I laid all the new sections out on the floor to get a feel for the how the radius change would look. This also gave me a chance to place the new banking supports in position and get a better idea of how much alteration the flat track will go through when reshaped into a banked configuration. This new design will shorten the front and back stretch by 6 inches and reduce the short chutes by 12 inches. This is due to the wider radius turn being placed in the same physical location where the smaller turns were originally located.

Once I place the new track on the table and connected it to the original sections that remained in place, I started positioning the banking supports. I am adding several more supports to this design because it will not only support the track, but it will also be used to force the shape of the banking of the flat curved sections. Supports are positioned at the entry and exit of each track joint and in the center of the turns where the most stress will be focused in forming the banking of the track itself. Red Oak was used for the supports that will be absorbing the most stress, forming the banking. Poplar was used for the straight sections.

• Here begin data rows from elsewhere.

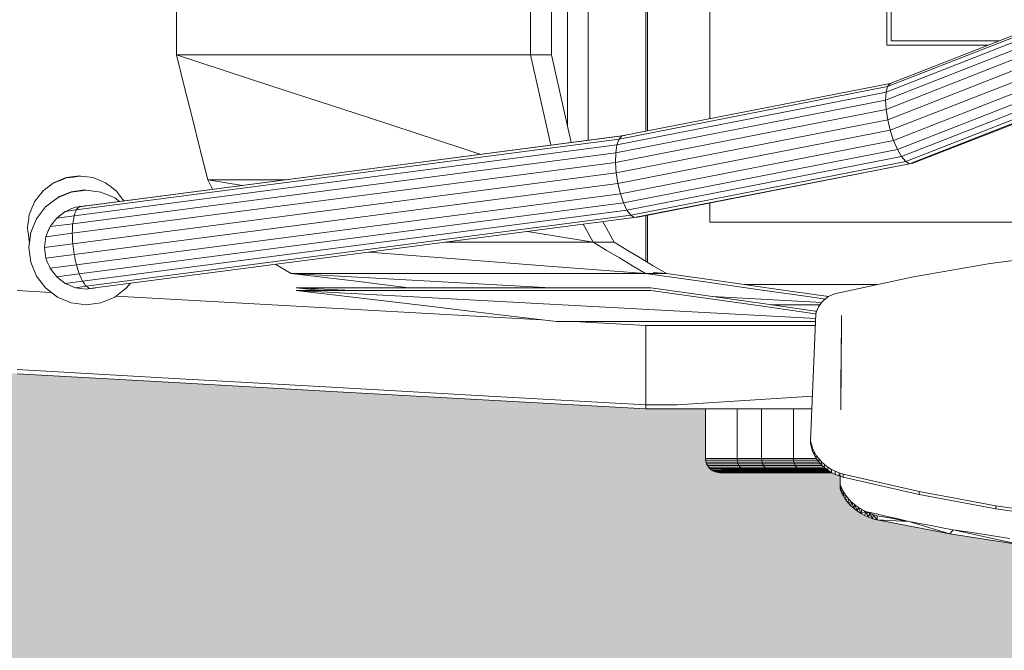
# Model space of a CAD drawing. Header units: inches. Extents: x 1931 to 3173, y 8366 to 8904.
# Tile 29 of 55: x 2881 to 2923, y 8745 to 8772. Entities that reach past the tile are written whole.
import ezdxf

# ---------------------------------------------------------------- set-up
doc = ezdxf.new("R2010")
doc.units = ezdxf.units.IN
doc.header["$MEASUREMENT"] = 0
for name, color, linetype, lineweight in [('A-DETL-GENF-1', 30, 'Continuous', 9), ('C-BLDG-PADS', 91, 'Continuous', 9), ('G-IMPT', 8, 'Continuous', 9)]:
    doc.layers.add(name, color=color, linetype=linetype, lineweight=lineweight)

# ---------------------------------------------------------------- blocks, each defined once
blk = doc.blocks.new('Boat_and_Trailer_14084 - Boat - Trailer - No Boat_dwg-1048090-FLOOR PLAN - BASEMENT')
at = {"layer": 'G-IMPT'}
for p, q in [((-143.026, -38.397), (-141.988, -19.32)), ((-141.988, -19.32), (-142.274, -21.711)), ((-141.988, -19.426), (-141.988, -19.32)), ((-141.988, -19.426), (-141.988, -19.532)), ((-141.988, -19.639), (-141.988, -19.532)), ((-141.988, -19.745), (-141.988, -19.639)), ((-141.988, -19.745), (-141.988, -22.893)), ((-142.561, -24.102), (-142.274, -21.711)), ((-141.988, -22.893), (-141.988, -26.042)), ((-142.561, -24.102), (-142.848, -26.493)), ((-141.988, -26.042), (-141.988, -29.191)), ((-142.848, -26.493), (-143.135, -28.884)), ((-143.135, -31.762), (-143.135, -28.884)), ((-141.988, -29.191), (-141.988, -32.339)), ((-143.135, -31.762), (-143.135, -34.64)), ((-142.274, -34.354), (-141.988, -32.339)), ((-148.669, -34.743), (-148.646, -34.678)), ((-148.616, -34.616), (-148.646, -34.678)), ((-148.646, -35.83), (-148.646, -34.678)), ((-148.577, -34.559), (-148.616, -34.616)), ((-148.616, -35.77), (-148.616, -34.616)), ((-148.577, -34.559), (-148.532, -34.507)), ((-148.577, -35.714), (-148.577, -34.559)), ((-148.48, -34.462), (-148.532, -34.507)), ((-148.532, -35.663), (-148.532, -34.507)), ((-148.422, -34.423), (-148.48, -34.462)), ((-148.48, -34.462), (-148.48, -35.618)), ((-148.422, -34.423), (-148.361, -34.393)), ((-148.422, -35.581), (-148.422, -34.423)), ((-148.295, -34.371), (-148.361, -34.393)), ((-148.361, -35.551), (-148.361, -34.393)), ((-148.227, -34.357), (-148.295, -34.371)), ((-148.295, -35.529), (-148.295, -34.371)), ((-148.158, -34.353), (-148.227, -34.357)), ((-148.227, -35.516), (-148.227, -34.357)), ((-146.344, -34.353), (-148.158, -34.353)), ((-148.158, -35.511), (-148.158, -34.353)), ((-143.135, -34.64), (-143.135, -37.519)), ((-142.561, -36.368), (-142.274, -34.354)), ((-148.682, -34.811), (-148.687, -34.88)), ((-148.687, -36.028), (-148.687, -34.88)), ((-148.669, -34.743), (-148.682, -34.811)), ((-148.682, -35.961), (-148.682, -34.811)), ((-148.669, -35.894), (-148.669, -34.743)), ((-148.569, -36.086), (-148.569, -34.938)), ((-148.616, -35.77), (-148.646, -35.83)), ((-148.577, -35.714), (-148.616, -35.77)), ((-148.616, -35.77), (-148.616, -36.655)), ((-148.577, -35.714), (-148.569, -35.704)), ((-148.577, -35.714), (-148.577, -36.602)), ((-148.532, -35.663), (-148.569, -35.704)), ((-148.489, -35.626), (-148.532, -35.663)), ((-148.532, -35.663), (-148.532, -36.554)), ((-148.48, -35.618), (-148.489, -35.626)), ((-148.422, -35.581), (-148.48, -35.618)), ((-148.48, -36.512), (-148.48, -35.618)), ((-148.361, -35.551), (-148.422, -35.581)), ((-148.422, -36.477), (-148.422, -35.581)), ((-148.361, -35.551), (-148.295, -35.529)), ((-148.361, -35.551), (-148.361, -36.449)), ((-148.227, -35.516), (-148.295, -35.529)), ((-148.295, -36.428), (-148.295, -35.529)), ((-148.158, -35.511), (-148.227, -35.516)), ((-148.227, -36.416), (-148.227, -35.516)), ((-148.158, -36.412), (-148.158, -35.511)), ((-148.158, -35.511), (-146.344, -35.511)), ((-148.682, -35.961), (-148.687, -36.028)), ((-148.687, -36.028), (-148.687, -36.899)), ((-148.669, -35.894), (-148.682, -35.961)), ((-148.682, -36.835), (-148.682, -35.961)), ((-148.646, -35.83), (-148.669, -35.894)), ((-148.669, -36.773), (-148.669, -35.894)), ((-148.646, -36.712), (-148.646, -35.83)), ((-148.569, -36.953), (-148.569, -36.086)), ((-148.489, -36.52), (-148.532, -36.554)), ((-148.48, -36.512), (-148.489, -36.52)), ((-148.422, -36.477), (-148.48, -36.512)), ((-148.48, -37.677), (-148.48, -36.512)), ((-148.422, -36.477), (-148.361, -36.449)), ((-148.422, -37.645), (-148.422, -36.477)), ((-148.295, -36.428), (-148.361, -36.449)), ((-148.361, -37.619), (-148.361, -36.449)), ((-148.227, -36.416), (-148.295, -36.428)), ((-148.295, -37.6), (-148.295, -36.428)), ((-148.158, -36.412), (-148.227, -36.416)), ((-148.227, -37.588), (-148.227, -36.416)), ((-148.158, -37.584), (-148.158, -36.412)), ((-148.158, -36.412), (-146.344, -36.412)), ((-142.848, -38.383), (-142.561, -36.368)), ((-148.682, -36.835), (-148.687, -36.899)), ((-148.669, -36.773), (-148.682, -36.835)), ((-148.682, -36.835), (-148.682, -37.974)), ((-148.646, -36.712), (-148.669, -36.773)), ((-148.669, -36.773), (-148.669, -37.917)), ((-148.646, -36.712), (-148.616, -36.655)), ((-148.646, -36.712), (-148.646, -37.861)), ((-148.577, -36.602), (-148.616, -36.655)), ((-148.616, -37.808), (-148.616, -36.655)), ((-148.577, -36.602), (-148.569, -36.593)), ((-148.577, -37.76), (-148.577, -36.602)), ((-148.532, -36.554), (-148.569, -36.593)), ((-148.532, -36.554), (-148.532, -37.716)), ((-148.687, -36.899), (-148.687, -38.033)), ((-148.569, -38.082), (-148.569, -36.953)), ((-148.361, -37.619), (-148.295, -37.6)), ((-148.227, -37.588), (-148.295, -37.6)), ((-148.295, -38.521), (-148.295, -37.6)), ((-148.158, -37.584), (-148.227, -37.588)), ((-148.227, -38.47), (-148.227, -37.588)), ((-146.344, -37.584), (-148.158, -37.584)), ((-148.158, -38.421), (-148.158, -37.584)), ((-143.135, -38.393), (-143.135, -37.519)), ((-148.669, -37.917), (-148.682, -37.974)), ((-148.646, -37.861), (-148.669, -37.917)), ((-148.669, -38.963), (-148.669, -37.917)), ((-148.646, -37.861), (-148.616, -37.808)), ((-148.646, -38.928), (-148.646, -37.861)), ((-148.616, -37.808), (-148.577, -37.76)), ((-148.616, -38.879), (-148.616, -37.808)), ((-148.577, -37.76), (-148.569, -37.752)), ((-148.577, -38.823), (-148.577, -37.76)), ((-148.532, -37.716), (-148.569, -37.752)), ((-148.489, -37.684), (-148.532, -37.716)), ((-148.532, -37.716), (-148.532, -38.763)), ((-148.48, -37.677), (-148.489, -37.684)), ((-148.422, -37.645), (-148.48, -37.677)), ((-148.48, -38.7), (-148.48, -37.677)), ((-148.422, -37.645), (-148.361, -37.619)), ((-148.422, -38.639), (-148.422, -37.645)), ((-148.361, -38.579), (-148.361, -37.619)), ((-148.682, -37.974), (-148.687, -38.033)), ((-148.687, -38.996), (-148.687, -38.033)), ((-148.682, -38.987), (-148.682, -37.974)), ((-148.569, -38.812), (-148.569, -38.082)), ((-142.851, -38.405), (-142.848, -38.383))]:
    blk.add_line(p, q, dxfattribs=at)
blk = doc.blocks.new('Boat_and_Trailer_14084 - Boat - Ski Bar and Boards_dwg-1048089-FLOOR PLAN - BASEMENT')
at = {"layer": 'G-IMPT'}
for p, q in [((-141.564, -9.783), (-141.056, -9.573)), ((-140.512, -9.501), (-141.056, -9.573)), ((-140.512, -9.501), (-139.967, -9.573)), ((-139.967, -9.573), (-139.46, -9.783)), ((-142.334, -10.553), (-141.999, -10.117)), ((-141.999, -10.117), (-141.564, -9.783)), ((-140.908, -10.127), (-140.809, -10.114)), ((-140.809, -10.114), (-140.71, -10.101)), ((-140.611, -10.088), (-140.71, -10.101)), ((-140.512, -10.075), (-140.611, -10.088)), ((-140.376, -11.113), (-140.512, -10.075)), ((-140.413, -10.088), (-140.512, -10.075)), ((-140.413, -10.088), (-140.314, -10.101)), ((-140.215, -10.114), (-140.314, -10.101)), ((-140.314, -10.101), (-140.116, -10.127)), ((-140.215, -10.114), (-140.116, -10.127)), ((-139.46, -9.783), (-139.024, -10.117)), ((-138.69, -10.553), (-139.024, -10.117)), ((-141.594, -10.523), (-141.515, -10.462)), ((-141.515, -10.462), (-141.435, -10.401)), ((-141.356, -10.341), (-141.435, -10.401)), ((-141.277, -10.28), (-141.356, -10.341)), ((-141.185, -10.242), (-141.277, -10.28)), ((-141.151, -11.246), (-141.277, -10.28)), ((-141.185, -10.242), (-141.092, -10.203)), ((-141, -10.165), (-141.092, -10.203)), ((-141, -10.165), (-140.908, -10.127)), ((-140.772, -11.164), (-140.908, -10.127)), ((-139.989, -11.094), (-140.116, -10.127)), ((-140.116, -10.127), (-140.023, -10.165)), ((-139.931, -10.203), (-140.023, -10.165)), ((-139.747, -10.28), (-139.931, -10.203)), ((-139.931, -10.203), (-139.839, -10.242)), ((-139.747, -10.28), (-139.839, -10.242)), ((-139.638, -11.111), (-139.747, -10.28)), ((-139.667, -10.341), (-139.747, -10.28)), ((-139.588, -10.401), (-139.667, -10.341)), ((-139.588, -10.401), (-139.509, -10.462)), ((-139.509, -10.462), (-139.43, -10.523)), ((-142.334, -10.553), (-142.544, -11.06)), ((-141.837, -10.84), (-141.875, -10.932)), ((-141.776, -10.761), (-141.837, -10.84)), ((-141.754, -11.476), (-141.837, -10.84)), ((-141.776, -10.761), (-141.715, -10.681)), ((-141.715, -10.681), (-141.655, -10.602)), ((-141.655, -10.602), (-141.594, -10.523)), ((-141.485, -11.353), (-141.594, -10.523)), ((-139.346, -11.161), (-139.43, -10.523)), ((-139.43, -10.523), (-139.369, -10.602)), ((-139.308, -10.681), (-139.369, -10.602)), ((-139.247, -10.761), (-139.308, -10.681)), ((-139.187, -10.84), (-139.247, -10.761)), ((-139.148, -10.932), (-139.187, -10.84)), ((-139.134, -11.242), (-139.187, -10.84)), ((-138.479, -11.06), (-138.69, -10.553)), ((-138.657, -10.599), (-138.686, -10.562)), ((-138.657, -10.599), (-138.466, -11.06)), ((-142.616, -11.605), (-142.544, -11.06)), ((-141.99, -11.209), (-142.003, -11.308)), ((-141.952, -11.117), (-141.99, -11.209)), ((-141.938, -11.608), (-141.99, -11.209)), ((-141.952, -11.117), (-141.913, -11.024)), ((-141.875, -10.932), (-141.913, -11.024)), ((-140.962, -11.205), (-141.056, -11.226)), ((-140.962, -11.205), (-141.056, -11.226)), ((-140.867, -11.185), (-140.962, -11.205)), ((-140.867, -11.185), (-140.962, -11.205)), ((-140.772, -11.164), (-140.867, -11.185)), ((-140.772, -11.164), (-140.867, -11.185)), ((-140.673, -11.152), (-140.772, -11.164)), ((-140.673, -11.152), (-140.772, -11.164)), ((-140.772, -11.164), (-138.167, -31.134)), ((-140.574, -11.139), (-140.673, -11.152)), ((-140.574, -11.139), (-140.673, -11.152)), ((-140.475, -11.126), (-140.574, -11.139)), ((-140.475, -11.126), (-140.574, -11.139)), ((-140.475, -11.126), (-140.376, -11.113)), ((-140.475, -11.126), (-140.376, -11.113)), ((-140.376, -11.113), (-140.28, -11.108)), ((-140.376, -11.113), (-140.28, -11.108)), ((-137.772, -31.073), (-140.376, -11.113)), ((-140.183, -11.104), (-140.28, -11.108)), ((-140.183, -11.104), (-140.28, -11.108)), ((-140.086, -11.099), (-140.183, -11.104)), ((-140.086, -11.099), (-140.183, -11.104)), ((-140.086, -11.099), (-139.989, -11.094)), ((-140.086, -11.099), (-139.989, -11.094)), ((-139.989, -11.094), (-139.946, -11.096)), ((-137.386, -31.047), (-139.989, -11.094)), ((-139.989, -11.094), (-139.946, -11.096)), ((-139.946, -11.096), (-139.902, -11.099)), ((-139.902, -11.099), (-139.858, -11.101)), ((-139.814, -11.103), (-139.858, -11.101)), ((-139.814, -11.103), (-139.858, -11.101)), ((-139.77, -11.105), (-139.814, -11.103)), ((-139.77, -11.105), (-139.814, -11.103)), ((-139.77, -11.105), (-139.726, -11.107)), ((-139.77, -11.105), (-139.726, -11.107)), ((-139.682, -11.109), (-139.726, -11.107)), ((-139.682, -11.109), (-139.726, -11.107)), ((-139.638, -11.111), (-139.682, -11.109)), ((-139.638, -11.111), (-139.682, -11.109)), ((-139.565, -11.123), (-139.638, -11.111)), ((-137.036, -31.055), (-139.638, -11.111)), ((-139.565, -11.123), (-139.638, -11.111)), ((-139.492, -11.136), (-139.565, -11.123)), ((-139.492, -11.136), (-139.565, -11.123)), ((-139.419, -11.149), (-139.492, -11.136)), ((-139.419, -11.149), (-139.492, -11.136)), ((-139.419, -11.149), (-139.346, -11.161)), ((-139.419, -11.149), (-139.346, -11.161)), ((-139.346, -11.161), (-139.293, -11.181)), ((-136.745, -31.099), (-139.346, -11.161)), ((-139.346, -11.161), (-139.293, -11.181)), ((-139.293, -11.181), (-139.24, -11.201)), ((-139.293, -11.181), (-139.24, -11.201)), ((-139.187, -11.221), (-139.24, -11.201)), ((-139.187, -11.221), (-139.24, -11.201)), ((-139.148, -10.932), (-139.11, -11.024)), ((-139.072, -11.117), (-139.11, -11.024)), ((-139.034, -11.209), (-139.072, -11.117)), ((-139.016, -11.347), (-139.034, -11.209)), ((-138.408, -11.605), (-138.479, -11.06)), ((-138.466, -11.06), (-138.401, -11.555)), ((-142.042, -11.605), (-142.029, -11.506)), ((-142.029, -11.506), (-142.016, -11.407)), ((-142.003, -11.308), (-142.016, -11.407)), ((-141.892, -11.575), (-141.846, -11.542)), ((-141.892, -11.575), (-141.846, -11.542)), ((-141.846, -11.542), (-141.8, -11.509)), ((-141.846, -11.542), (-141.8, -11.509)), ((-141.754, -11.476), (-141.8, -11.509)), ((-141.754, -11.476), (-141.8, -11.509)), ((-141.687, -11.445), (-141.754, -11.476)), ((-141.687, -11.445), (-141.754, -11.476)), ((-139.146, -31.467), (-141.754, -11.476)), ((-141.687, -11.445), (-141.62, -11.414)), ((-141.687, -11.445), (-141.62, -11.414)), ((-141.485, -11.353), (-141.62, -11.414)), ((-141.62, -11.414), (-141.553, -11.383)), ((-141.62, -11.414), (-141.553, -11.383)), ((-141.485, -11.353), (-141.553, -11.383)), ((-141.485, -11.353), (-141.553, -11.383)), ((-141.402, -11.326), (-141.485, -11.353)), ((-141.402, -11.326), (-141.485, -11.353)), ((-138.878, -31.338), (-141.485, -11.353)), ((-141.318, -11.299), (-141.402, -11.326)), ((-141.318, -11.299), (-141.402, -11.326)), ((-141.234, -11.273), (-141.318, -11.299)), ((-141.234, -11.273), (-141.318, -11.299)), ((-141.151, -11.246), (-141.234, -11.273)), ((-141.151, -11.246), (-141.234, -11.273)), ((-141.056, -11.226), (-141.151, -11.246)), ((-141.056, -11.226), (-141.151, -11.246)), ((-141.151, -11.246), (-138.544, -31.224)), ((-139.134, -11.242), (-139.187, -11.221)), ((-139.134, -11.242), (-139.187, -11.221)), ((-139.134, -11.242), (-139.105, -11.268)), ((-136.534, -31.175), (-139.134, -11.242)), ((-139.134, -11.242), (-139.105, -11.268)), ((-139.105, -11.268), (-139.075, -11.294)), ((-139.105, -11.268), (-139.075, -11.294)), ((-139.045, -11.32), (-139.075, -11.294)), ((-139.045, -11.32), (-139.075, -11.294)), ((-139.016, -11.347), (-139.045, -11.32)), ((-139.016, -11.347), (-139.045, -11.32)), ((-139.027, -11.259), (-139.021, -11.309)), ((-139.014, -11.359), (-139.021, -11.309)), ((-139.016, -11.347), (-139.014, -11.362)), ((-139.007, -11.409), (-139.016, -11.347)), ((-136.415, -31.278), (-139.016, -11.347)), ((-139.016, -11.347), (-139.014, -11.362)), ((-139.007, -11.409), (-139.014, -11.359)), ((-139.012, -11.378), (-139.014, -11.362)), ((-139.012, -11.378), (-139.014, -11.362)), ((-139.009, -11.393), (-139.012, -11.378)), ((-139.009, -11.393), (-139.012, -11.378)), ((-139.007, -11.409), (-139.009, -11.393)), ((-139.007, -11.409), (-139.009, -11.393)), ((-139.001, -11.458), (-139.007, -11.409)), ((-138.994, -11.507), (-139.001, -11.458)), ((-138.988, -11.556), (-138.994, -11.507)), ((-138.982, -11.605), (-138.988, -11.556)), ((-138.401, -11.555), (-138.408, -11.605)), ((-142.616, -11.605), (-142.544, -12.15)), ((-142.024, -11.74), (-142.042, -11.605)), ((-142.042, -11.605), (-142.035, -11.654)), ((-142.029, -11.703), (-142.023, -11.752)), ((-142.003, -11.707), (-142.024, -11.74)), ((-142.003, -11.707), (-142.024, -11.74)), ((-139.415, -31.737), (-142.024, -11.74)), ((-142.018, -11.786), (-142.016, -11.801)), ((-142.009, -11.851), (-142.003, -11.901)), ((-142.003, -11.707), (-141.981, -11.674)), ((-142.003, -11.707), (-141.981, -11.674)), ((-142.003, -11.901), (-141.996, -11.951)), ((-141.981, -11.674), (-141.959, -11.641)), ((-141.981, -11.674), (-141.959, -11.641)), ((-141.959, -11.641), (-141.938, -11.608)), ((-141.959, -11.641), (-141.938, -11.608)), ((-141.938, -11.608), (-141.892, -11.575)), ((-141.938, -11.608), (-141.892, -11.575)), ((-139.329, -31.603), (-141.938, -11.608)), ((-136.399, -31.4), (-138.982, -11.605)), ((-138.408, -11.605), (-138.479, -12.15)), ((-142.334, -12.657), (-142.544, -12.15)), ((-138.69, -12.657), (-138.479, -12.15)), ((-142.334, -12.657), (-141.999, -13.093)), ((-138.69, -12.657), (-138.822, -12.829)), ((-141.831, -13.222), (-141.999, -13.093)), ((-141.988, -19.32), (-142.085, -20.131)), ((-142.085, -21.107), (-141.988, -19.32)), ((-141.988, -19.426), (-141.988, -19.32)), ((-141.988, -19.426), (-141.988, -19.532)), ((-141.988, -19.639), (-141.988, -19.532)), ((-141.988, -19.745), (-141.988, -19.639)), ((-141.988, -19.745), (-141.988, -22.893)), ((-141.988, -22.893), (-141.988, -26.042)), ((-141.988, -26.042), (-141.988, -29.191)), ((-141.988, -29.191), (-141.988, -32.339)), ((-137.772, -31.073), (-138.167, -31.134)), ((-137.772, -31.073), (-137.386, -31.047)), ((-137.772, -31.073), (-135.821, -41.044)), ((-137.036, -31.055), (-137.386, -31.047)), ((-137.386, -31.047), (-135.442, -40.984)), ((-136.745, -31.099), (-137.036, -31.055)), ((-137.036, -31.055), (-135.097, -40.963)), ((-139.146, -31.467), (-138.878, -31.338)), ((-138.878, -31.338), (-138.544, -31.224)), ((-138.878, -31.338), (-136.909, -41.402)), ((-138.167, -31.134), (-138.544, -31.224)), ((-138.544, -31.224), (-136.58, -41.26)), ((-138.167, -31.134), (-136.209, -41.138)), ((-136.745, -31.099), (-134.811, -40.982)), ((-136.745, -31.099), (-136.534, -31.175)), ((-134.603, -41.04), (-136.534, -31.175)), ((-136.534, -31.175), (-136.415, -31.278)), ((-136.399, -31.4), (-136.415, -31.278)), ((-136.415, -31.278), (-134.487, -41.133)), ((-139.329, -31.603), (-139.415, -31.737)), ((-139.399, -31.86), (-139.415, -31.737)), ((-139.415, -31.737), (-137.437, -41.847)), ((-139.146, -31.467), (-139.329, -31.603)), ((-139.329, -31.603), (-137.352, -41.706)), ((-139.146, -31.467), (-137.172, -41.554)), ((-139.399, -31.86), (-137.421, -41.968)), ((-142.274, -34.354), (-141.988, -32.339)), ((-142.561, -36.368), (-142.274, -34.354)), ((-142.848, -38.383), (-142.561, -36.368)), ((-147.994, -38.285), (-148.128, -38.346)), ((-147.88, -38.285), (-148.015, -38.346)), ((-147.854, -38.239), (-147.994, -38.285)), ((-147.88, -38.285), (-147.994, -38.285)), ((-147.741, -38.239), (-147.88, -38.285)), ((-147.712, -38.207), (-147.854, -38.239)), ((-147.854, -38.239), (-147.741, -38.239)), ((-147.598, -38.207), (-147.741, -38.239)), ((-147.598, -38.207), (-147.712, -38.207)), ((-147.598, -38.207), (-142.949, -38.405)), ((-148.596, -38.72), (-148.492, -38.608)), ((-148.492, -38.608), (-148.378, -38.508)), ((-148.492, -38.608), (-148.379, -38.608)), ((-148.483, -38.72), (-148.379, -38.608)), ((-148.265, -38.508), (-148.379, -38.608)), ((-148.257, -38.421), (-148.378, -38.508)), ((-148.378, -38.508), (-148.265, -38.508)), ((-148.144, -38.421), (-148.265, -38.508)), ((-148.257, -38.421), (-148.128, -38.346)), ((-148.257, -38.421), (-148.144, -38.421)), ((-148.015, -38.346), (-148.144, -38.421)), ((-148.128, -38.346), (-148.015, -38.346)), ((-142.949, -38.405), (-142.859, -38.429)), ((-142.772, -38.463), (-142.859, -38.429)), ((-142.855, -38.431), (-142.848, -38.383)), ((-142.688, -38.505), (-142.772, -38.463)), ((-142.688, -38.505), (-142.608, -38.556)), ((-142.533, -38.615), (-142.608, -38.556)), ((-142.463, -38.681), (-142.533, -38.615)), ((-142.463, -38.681), (-142.399, -38.754)), ((-148.843, -39.112), (-148.772, -38.973)), ((-148.772, -38.973), (-148.689, -38.842)), ((-148.772, -38.973), (-148.659, -38.973)), ((-148.659, -38.973), (-148.73, -39.112)), ((-148.689, -38.842), (-148.596, -38.72)), ((-148.689, -38.842), (-148.576, -38.842)), ((-148.659, -38.973), (-148.576, -38.842)), ((-148.596, -38.72), (-148.483, -38.72)), ((-148.483, -38.72), (-148.576, -38.842)), ((-142.341, -38.833), (-142.399, -38.754)), ((-142.341, -38.833), (-142.291, -38.918)), ((-142.248, -39.007), (-142.291, -38.918)), ((-142.213, -39.101), (-142.248, -39.007)), ((-149.636, -39.416), (-149.503, -39.348)), ((-148.947, -39.41), (-149.587, -42.194)), ((-149.503, -39.348), (-149.365, -39.293)), ((-149.489, -39.422), (-149.503, -39.348)), ((-149.356, -39.352), (-149.503, -39.348)), ((-149.489, -39.422), (-149.456, -39.404)), ((-149.474, -42.194), (-148.834, -39.41)), ((-149.422, -39.387), (-149.456, -39.404)), ((-149.389, -39.369), (-149.422, -39.387)), ((-149.389, -39.369), (-149.356, -39.352)), ((-149.365, -39.293), (-148.845, -39.298)), ((-149.356, -39.352), (-149.365, -39.293)), ((-149.365, -39.293), (-149.218, -39.297)), ((-149.356, -39.352), (-149.322, -39.338)), ((-149.322, -39.338), (-149.288, -39.324)), ((-149.288, -39.324), (-149.254, -39.31)), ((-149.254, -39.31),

Once all of the supports are in a general location, I will go over each area to fine tune the position of each support and make certain there are no spots missed.

You should have something like this once you have all of your supports generally in place.

I plan on creating a 1” apron on the outside and inside of each turn and short chute. I will now adjust the bank supports to be 1” from the outside edge of the track. Do this for each support.

Once each of the supports are placed with the 1” gap for the apron,
mark the location of each support, completely around the bottom of the support. This will help relocate the support back to its exact location and help identify the locations to drill the holes to secure the supports to the table.

Once I outlined all of the supports, I removed the track and numbered the supports and the location outlines to match.

Make sure to mark the supports as well. Each one can be slightly different
and you don’t want to readjust things if a support is swapped.

Now I am drilling the holes that will allow me to screw the supports in place and keep them secured to the table surface.

I secure the support with 2 screws to prevent the support from pivoting. I used the support in this picture to determine where to drill the 2nd hole. Placing the 2nd securing point too far down the support would place the stress on a thinner section of the support.

After drilling all the holes, sand the surface smooth so the banking supports sit flat on the table’s surface. A good vacuuming will clean up the remaining debris before you start permanently fixing the banking supports to the table surface.

Now I placed the supports on their sides, aligning them with their position marks on the table. Using a 90 degree straight edge, the bottom of the support is marked in line with the holes drilled in the table surface.
Pre-drill these holes so the screw does not split the support bracket.

We’ve stopped here on July 26, 2012. More to come soon.